This section discusses the special cases in which it is necessary to use secondary lines explicitly. There are two such cases:

  The table row begins on one page and ends on the next.

If a table row begins on one page and ends on the next page, you must use the Learn as Secondary Lines function (in lines learning mode) to train missing secondary lines (on the next page). In this case, these secondary lines are placed right before the first primary line on the page. Mark all the secondary lines as before: right-click and select Learn as Secondary Lines.

Never use the Learn as Row function in this case, as this tells the engine that the first secondary line is actually a new sample of primary line. As a result, the engine may split extracted table data into new rows.

  Learning of unmapped secondary lines leads to unwanted extraction.
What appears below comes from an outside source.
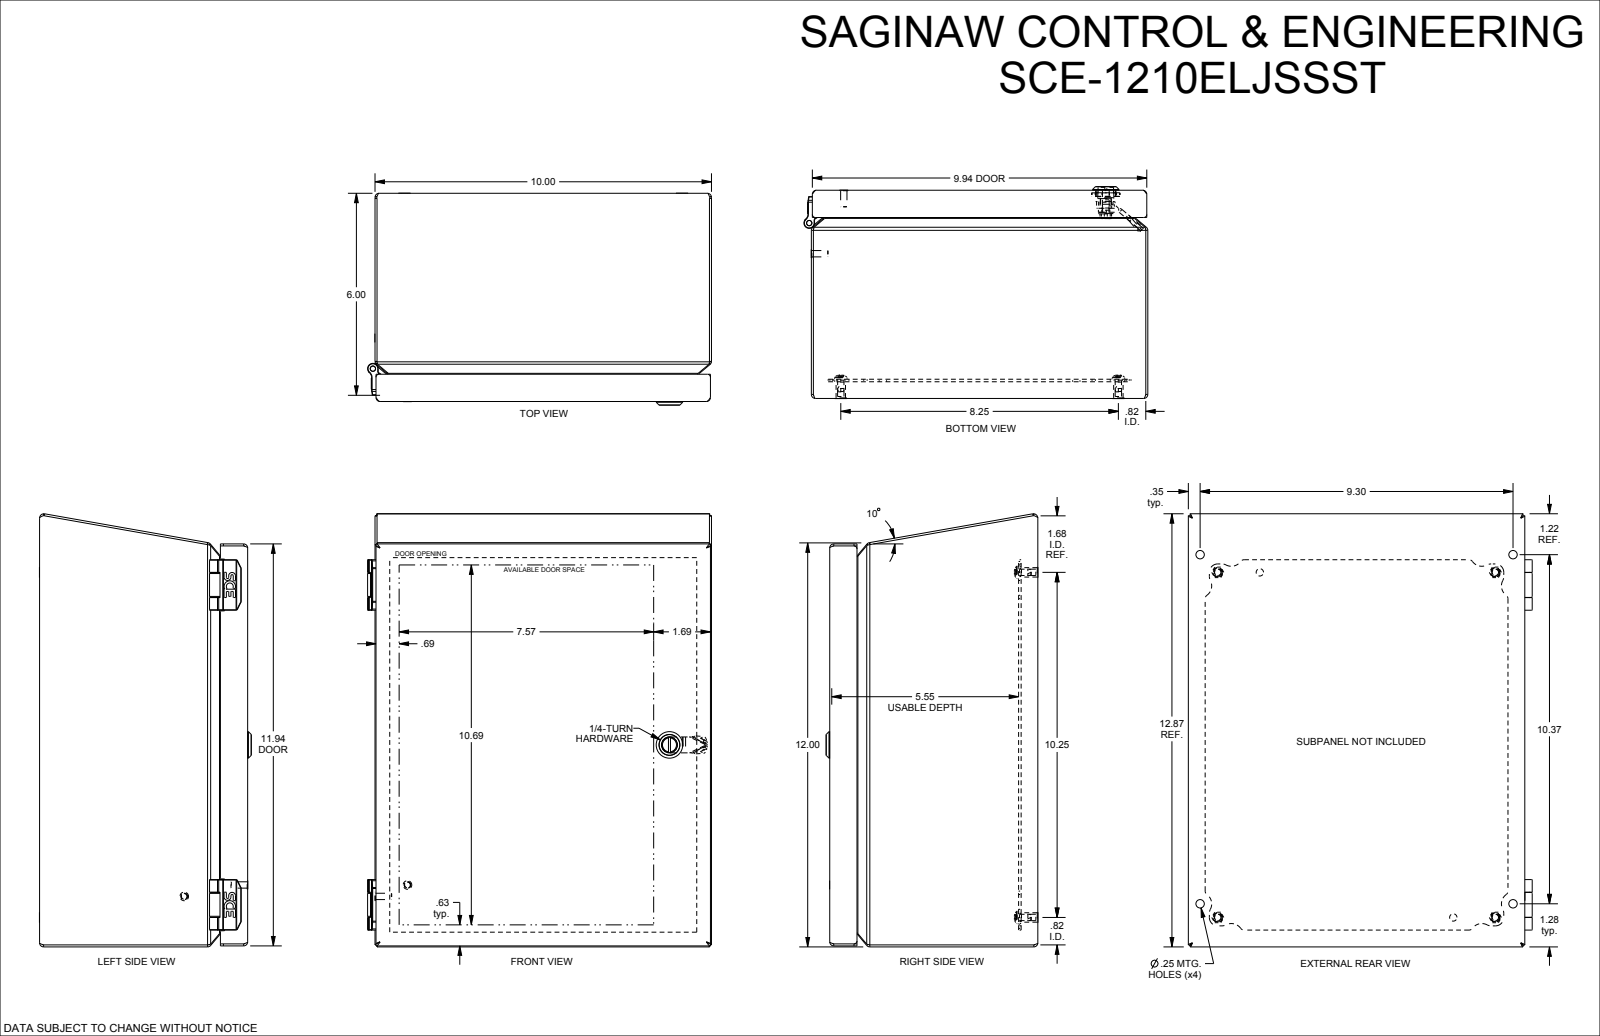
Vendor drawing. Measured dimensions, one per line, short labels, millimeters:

Your project may require that data from secondary lines not be extracted. Usually, this will not be a problem, but sometimes the engine extracts the data from these lines anyway. In this case, not learning these secondary lines will prevent unwanted extractions. Use the Learn as Secondary Lines function instead of Learn as Row if you would like to learn just selected lines and not all lines that belong to the row. You can also Unlearn Line to correct or adjust the extraction.
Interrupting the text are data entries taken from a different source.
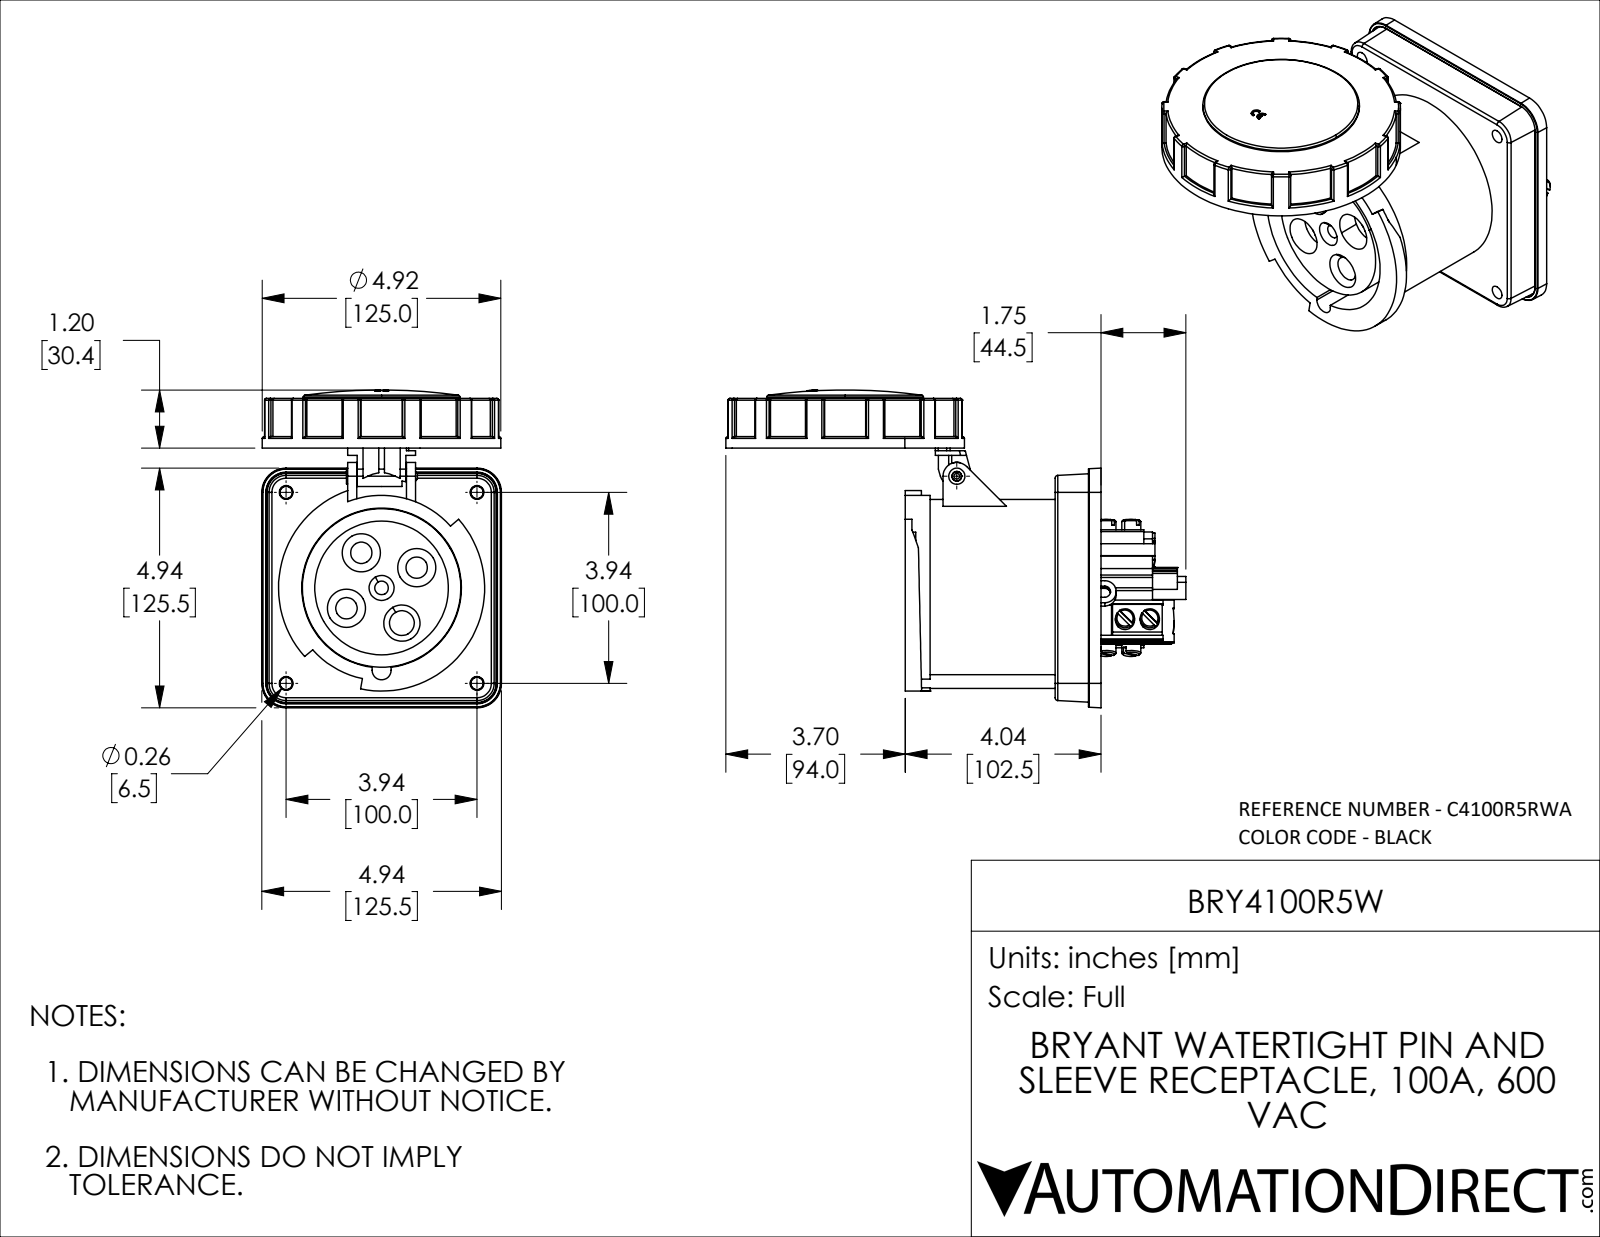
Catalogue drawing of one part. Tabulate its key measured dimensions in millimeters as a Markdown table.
| quantity | value |
| --- | --- |
| part name | BRY4100R5W |
| STEP written by | SolidWorks 2021 (CONFIG_CONTROL_DESIGN) |
| units | millimeters |
| bodies | 2 solids, 974 faces (448 planar, 361 cylindrical, 165 other) |
| overall size | 241 × 166.4 × 125.5 |
| volume | 1 113 000 mm³ |
| surface area | 180 652 mm² |
| round holes (diameter × count) | 7.2 × 4, 11.2 × 3, 20 × 3, 5.1 × 1, 7.1 × 1, 8.5 × 1, 13 × 1, 83 × 1, 83.6 × 1, 84 × 1, 85 × 1, 115 × 1 |
| round bosses / shafts (diameter × count) | 10 × 8, 125 × 1, 97 × 1, 92.6 × 1, 82 × 1, 80.5 × 1, 70 × 1, 12 × 1 |
| partial cylindrical surfaces (radius × count) | 1 × 55, 2 × 18, 2.5 × 10, 0.25 × 8, 3 × 6, 5 × 6, 0.5 × 5, 1.5 × 4 |
| main face-to-face distances | 24, 23, 26, 3, 3.5, 102.5, 78.5, 4, 20, 99 |
| hole center spacings | 21.24, 30.04, 50.49, 68.36, 70.71, 78.93, 91.4, 100 |

8.2.6     Advanced Learning: Additional Functions

8.2.6.1      About the Unmap Column Method

The Unmap Column method can undo mapping for the specified cell item.
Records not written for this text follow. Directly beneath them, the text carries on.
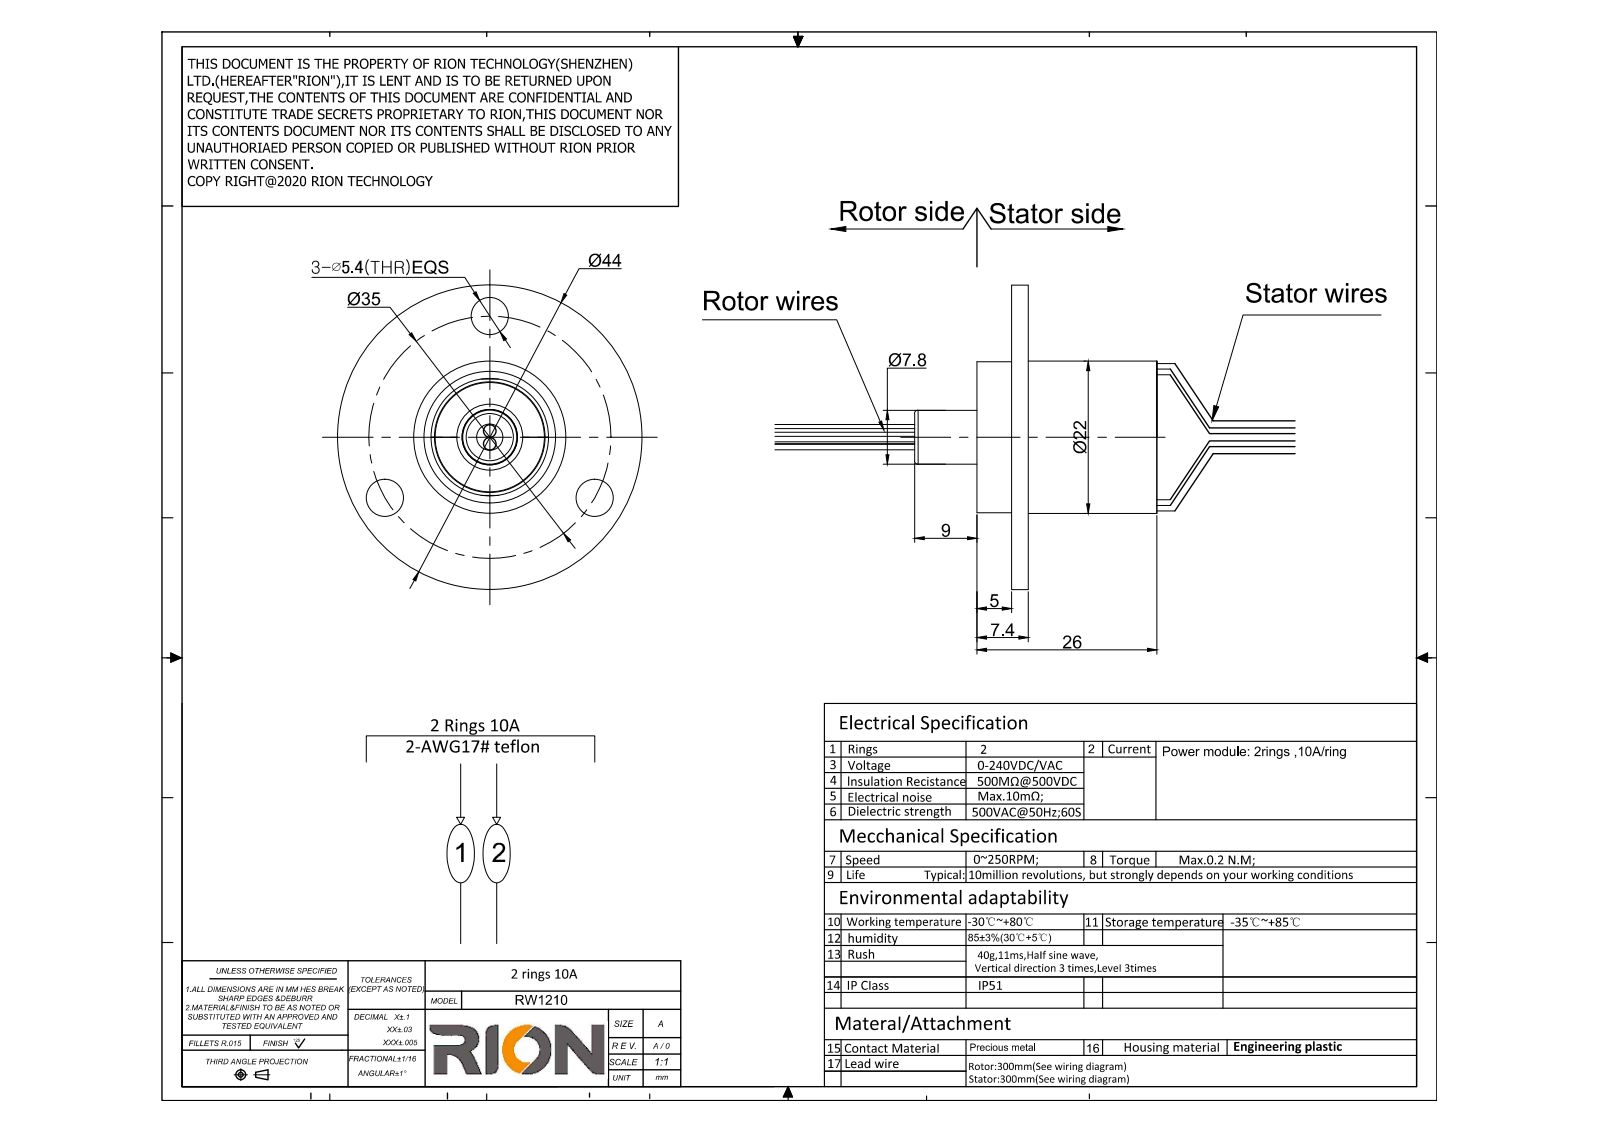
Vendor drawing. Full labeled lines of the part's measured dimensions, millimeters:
Part name (STEP PRODUCT): RW1210
STEP written by: SolidWorks 2014 (CONFIG_CONTROL_DESIGN)
Units: millimetres
Bodies: 1 solid, 55 faces (20 planar, 33 cylindrical, 2 other)
Overall size (bounding box): 63.9 × 44 × 44
Volume: 12 977 mm³ · Surface area: 5 768 mm²
Round holes (diameter × count): ⌀5.4 ×3, ⌀4 ×1, ⌀7 ×1, ⌀20 ×1
Round bosses / shafts (diameter × count): ⌀1.8 ×4, ⌀44 ×1, ⌀22 ×1, ⌀21.8 ×1, ⌀19.9 ×1, ⌀7.8 ×1, ⌀6.8 ×1
Main face-to-face distances: 2.4, 21, 18.6, 5, 7.4, 26, 9, 35, 14, 16.4
Hole centre spacings: 17.5, 30.31, 30.32

This will undo mapping for all cell items that were extracted from the lines that belong to the same line type as the cell item used to invoke the Unmap Column method.

8.2.6.2      Undo Column Mapping

To undo incorrect column mapping, complete the following steps:

1.       Right-click on any unassigned column (highlighted in blue) or draw a rectangular selection over the cell items to be mapped to a table column.

2.       On the shortcut menu, select Undo Mapping.

The previously assigned column (highlighted in red) is now unassigned. The values are no longer extracted or in the table grid.

8.2.6.3      Learn a Block of Secondary Lines

To learn a block of secondary lines, complete the following steps:

1.       In the Document Viewer, use the mouse to draw a rectangular selection over the required secondary lines of a desired multi-line row.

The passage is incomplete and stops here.